2020 Mexican local elections

1 state congress 84 municipalities

= 2020 Mexican local elections =

Mexican local elections

The 2020 Mexican local elections, held on 18 October 2020, saw voters electing deputies for one state congress and officials for 84 municipalities. The elections were originally scheduled to be held on 7 June 2020; however, due to the COVID-19 pandemic, the elections were postponed.

== Delay ==
On 1 April 2020, the Instituto Nacional Electoral (INE) agreed to postpone the elections due to the COVID-19 pandemic, with a date to be decided upon confirmation from the country's health authorities that there were no sanitary risks. On 18 June 2020, the INE proposed three potential dates to hold the elections: 30 August, 6 September, or 20 September. Ultimately, on 30 July 2020, the INE officially announced that the elections would take place on October 18, 2020, with the campaign period commencing 70 days prior to the election day.

== State races ==

=== Coahuila ===
All 25 seats of the Congress of Coahuila were up for election, where 16 were elected through first-past-the-post voting and 9 through proportional representation.

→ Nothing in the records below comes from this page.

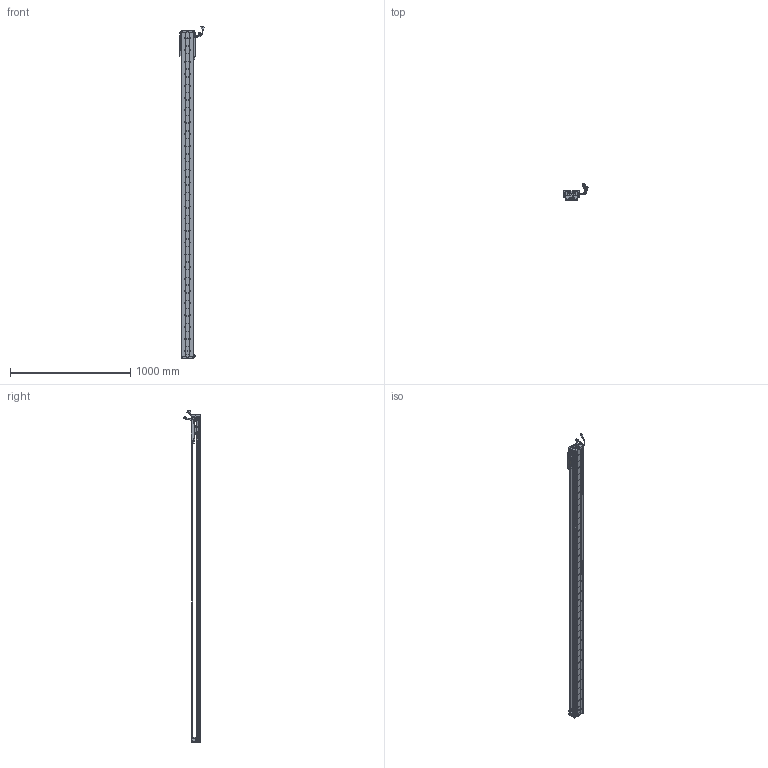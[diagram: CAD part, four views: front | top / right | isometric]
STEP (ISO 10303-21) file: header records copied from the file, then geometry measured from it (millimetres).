
FILE_DESCRIPTION (( 'STEP AP203' ), '1' );
FILE_NAME ('Z2-RY100D-1-L500-B-K.SLDASM_2450.step', '2021-05-17T02:37:53', ( '盈信电脑' ), ( '东莞市道滘镇水果街19号' ), 'SwSTEP 2.0', 'SolidWorks 2016', '' );
FILE_SCHEMA (( 'CONFIG_CONTROL_DESIGN' ));
Length unit declared in the file: millimetre
Products named in the file (36): COVER-Part-1; Z2-RY100D-1-L500-B-K.SLDASM_2450; 140雄赽晤鎢ん堤盄; SEAL-Part-1; HARNESS; PSLH080_PSLF2; 140蚥薯蝶輸; PBU_SHEET; 榋妏寠巭燃_暯_M2_2; SCREW-M1.7; Z2-RY100D-500-倰第菁釱_2450; 覜茼ん672; Z-RY100D詩湍狟揤裔; SCREW-M1.7-1; HARNESS-Part-1; Z2-RY100铝滑块（21款）; SCREW-M1.6-3; LABEL-Part-1; 100-Z-臏賑輸盄裔(21遴); COVER; 080黍杅芛假蚾釱21遴; LABEL; HOLDER0; HARNESS-Part-2; SHIELDPLATE; SCALE-Part-1; SEAL; SCREW-M1.6-2; SCREW-M1.6; SCALE-Part-2; SCALE; Z-100詩湍傷裔啣; Z-RY100D覜茼んえ; Z-RY100D詩湍奻揤裔; Z2-RY100-L500詩湍90mm遵_2450; SCREW-M1.6-1
Assembly tree (43 placements, depth 4):
  Z2-RY100D-1-L500-B-K.SLDASM_2450
    Z2-RY100D-500-倰第菁釱_2450
    Z2-RY100铝滑块（21款）
    PSLH080_PSLF2
      SCALE
        SCALE-Part-1
        SCALE-Part-2
      HARNESS
        HARNESS-Part-1
        HARNESS-Part-2
      LABEL
        LABEL-Part-1
      COVER
        COVER-Part-1
      SEAL
        SEAL-Part-1
      榋妏寠巭燃_暯_M2_2
      SHIELDPLATE
      SCREW-M1.7
      SCREW-M1.7-1
      PBU_SHEET
      SCREW-M1.6
      SCREW-M1.6-1
      SCREW-M1.6-2
      SCREW-M1.6-3
      HOLDER0
    080黍杅芛假蚾釱21遴
    Z-100詩湍傷裔啣  x2
    140蚥薯蝶輸  x2
    覜茼ん672  x3
    Z-RY100D覜茼んえ  x3
    100-Z-臏賑輸盄裔(21遴)
    140雄赽晤鎢ん堤盄
    Z2-RY100-L500詩湍90mm遵_2450
    Z-RY100D詩湍狟揤裔  x2
    Z-RY100D詩湍奻揤裔  x2
Bounding box: 205.79 x 136.11 x 2755.43 mm (x, y, z)
Volume: 4930014.1 mm3; surface area: 1958704.6 mm2
Topology: 38 solids, 38 shells, 3008 faces, 8229 edges, 5260 vertices
Faces by surface type: cylinder 1482, plane 1186, cone 218, torus 69, bspline 53
Entity records: 87353 total; most frequent: CARTESIAN_POINT 18320, DIRECTION 14077, ORIENTED_EDGE 13354, EDGE_CURVE 6677, AXIS2_PLACEMENT_3D 5293, VERTEX_POINT 4328, VECTOR 3491, LINE 3491
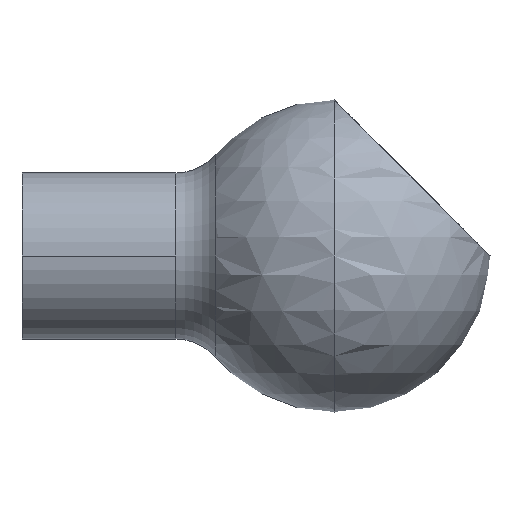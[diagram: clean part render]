
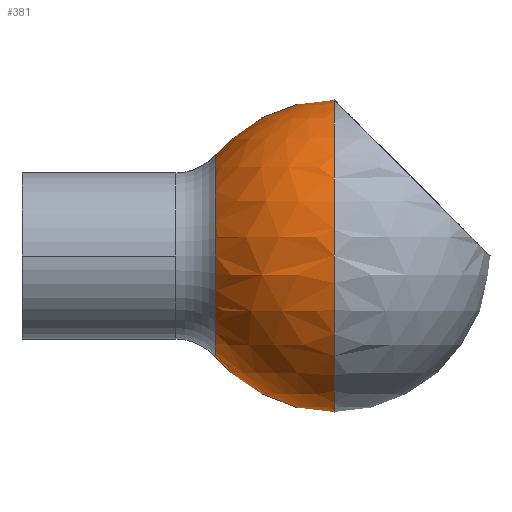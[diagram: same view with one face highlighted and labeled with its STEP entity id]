
A CAD part, left-side view. The second image highlights one B-rep face of the part: STEP entity #381.
In plain terms, the highlighted spherical face has radius 15 mm.
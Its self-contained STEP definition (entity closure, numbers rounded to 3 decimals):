
#157 = VERTEX_POINT( '', #432 );
#177 = EDGE_CURVE( '', #157, #195, #452, .T. );
#181 = VERTEX_POINT( '', #456 );
#195 = VERTEX_POINT( '', #472 );
#199 = EDGE_CURVE( '', #303, #181, #476, .T. );
#201 = VERTEX_POINT( '', #478 );
#241 = EDGE_CURVE( '', #201, #399, #520, .T. );
#263 = EDGE_CURVE( '', #389, #303, #548, .T. );
#295 = EDGE_CURVE( '', #195, #349, #584, .T. );
#303 = VERTEX_POINT( '', #594 );
#307 = EDGE_CURVE( '', #349, #389, #598, .T. );
#349 = VERTEX_POINT( '', #642 );
#359 = EDGE_CURVE( '', #181, #201, #654, .T. );
#363 = EDGE_CURVE( '', #399, #157, #658, .T. );
#381 = ADVANCED_FACE( '', ( #677 ), #678, .T. );
#389 = VERTEX_POINT( '', #688 );
#399 = VERTEX_POINT( '', #699 );
#432 = CARTESIAN_POINT( '', ( 0., -18.601, -9.75 ) );
#452 = CIRCLE( '', #753, 9.75 );
#456 = CARTESIAN_POINT( '', ( 0., -30., -15. ) );
#472 = CARTESIAN_POINT( '', ( 0., -18.601, 9.75 ) );
#476 = CIRCLE( '', #782, 15. );
#478 = CARTESIAN_POINT( '', ( 9., -30., -12. ) );
#520 = CIRCLE( '', #852, 12. );
#548 = CIRCLE( '', #883, 15. );
#584 = CIRCLE( '', #930, 9.75 );
#594 = CARTESIAN_POINT( '', ( 0., -30., 15. ) );
#598 = CIRCLE( '', #947, 12. );
#642 = CARTESIAN_POINT( '', ( 9., -18.601, 3.75 ) );
#654 = CIRCLE( '', #1025, 15. );
#658 = CIRCLE( '', #1032, 9.75 );
#677 = FACE_OUTER_BOUND( '', #1065, .T. );
#678 = SPHERICAL_SURFACE( '', #1066, 15. );
#688 = CARTESIAN_POINT( '', ( 9., -30., 12. ) );
#699 = CARTESIAN_POINT( '', ( 9., -18.601, -3.75 ) );
#753 = AXIS2_PLACEMENT_3D( '', #1134, #1135, #1136 );
#782 = AXIS2_PLACEMENT_3D( '', #1158, #1159, #1160 );
#852 = AXIS2_PLACEMENT_3D( '', #1196, #1197, #1198 );
#883 = AXIS2_PLACEMENT_3D( '', #1253, #1254, #1255 );
#930 = AXIS2_PLACEMENT_3D( '', #1310, #1311, #1312 );
#947 = AXIS2_PLACEMENT_3D( '', #1339, #1340, #1341 );
#1025 = AXIS2_PLACEMENT_3D( '', #1414, #1415, #1416 );
#1032 = AXIS2_PLACEMENT_3D( '', #1418, #1419, #1420 );
#1065 = EDGE_LOOP( '', ( #1437, #1438, #1439, #1440, #1441, #1442, #1443, #1444 ) );
#1066 = AXIS2_PLACEMENT_3D( '', #1445, #1446, #1447 );
#1134 = CARTESIAN_POINT( '', ( 0., -18.601, 0. ) );
#1135 = DIRECTION( '', ( 0., 1., 0. ) );
#1136 = DIRECTION( '', ( 0., 0., 1. ) );
#1158 = CARTESIAN_POINT( '', ( 0., -30., 0. ) );
#1159 = DIRECTION( '', ( 0., -1., 0. ) );
#1160 = DIRECTION( '', ( 0., 0., 1. ) );
#1196 = CARTESIAN_POINT( '', ( 9., -30., 0. ) );
#1197 = DIRECTION( '', ( 1., 0., 0. ) );
#1198 = DIRECTION( '', ( 0., 0., -1. ) );
#1253 = CARTESIAN_POINT( '', ( 0., -30., 0. ) );
#1254 = DIRECTION( '', ( 0., -1., 0. ) );
#1255 = DIRECTION( '', ( 0., 0., 1. ) );
#1310 = CARTESIAN_POINT( '', ( 0., -18.601, 0. ) );
#1311 = DIRECTION( '', ( 0., 1., 0. ) );
#1312 = DIRECTION( '', ( 0., 0., 1. ) );
#1339 = CARTESIAN_POINT( '', ( 9., -30., 0. ) );
#1340 = DIRECTION( '', ( 1., 0., 0. ) );
#1341 = DIRECTION( '', ( 0., 0., -1. ) );
#1414 = CARTESIAN_POINT( '', ( 0., -30., 0. ) );
#1415 = DIRECTION( '', ( 0., -1., 0. ) );
#1416 = DIRECTION( '', ( 0., 0., 1. ) );
#1418 = CARTESIAN_POINT( '', ( 0., -18.601, 0. ) );
#1419 = DIRECTION( '', ( 0., 1., 0. ) );
#1420 = DIRECTION( '', ( 0., 0., 1. ) );
#1437 = ORIENTED_EDGE( '', *, *, #199, .F. );
#1438 = ORIENTED_EDGE( '', *, *, #263, .F. );
#1439 = ORIENTED_EDGE( '', *, *, #307, .F. );
#1440 = ORIENTED_EDGE( '', *, *, #295, .F. );
#1441 = ORIENTED_EDGE( '', *, *, #177, .F. );
#1442 = ORIENTED_EDGE( '', *, *, #363, .F. );
#1443 = ORIENTED_EDGE( '', *, *, #241, .F. );
#1444 = ORIENTED_EDGE( '', *, *, #359, .F. );
#1445 = CARTESIAN_POINT( '', ( 0., -30., 0. ) );
#1446 = DIRECTION( '', ( 0., 0., 1. ) );
#1447 = DIRECTION( '', ( 1., 0., 0. ) );

2020 Congress of Coahuila election
| Party |  | Before | After | Change |
|---|---|---|---|---|
|  | Institutional Revolutionary Party | 10 | 16 | +6 |
|  | National Action Party | 9 | 3 | −6 |
|  | Unidad Democrática de Coahuila | 3 | 1 | −2 |
|  | Morena | 2 | 4 | +2 |
|  | Party of the Democratic Revolution | 1 | 0 | −1 |
|  | Ecologist Green Party of Mexico | 0 | 1 | +1 |
| Total |  | 25 | 25 |  |

=== Hidalgo ===
All positions in the state's 84 municipalities were up for election.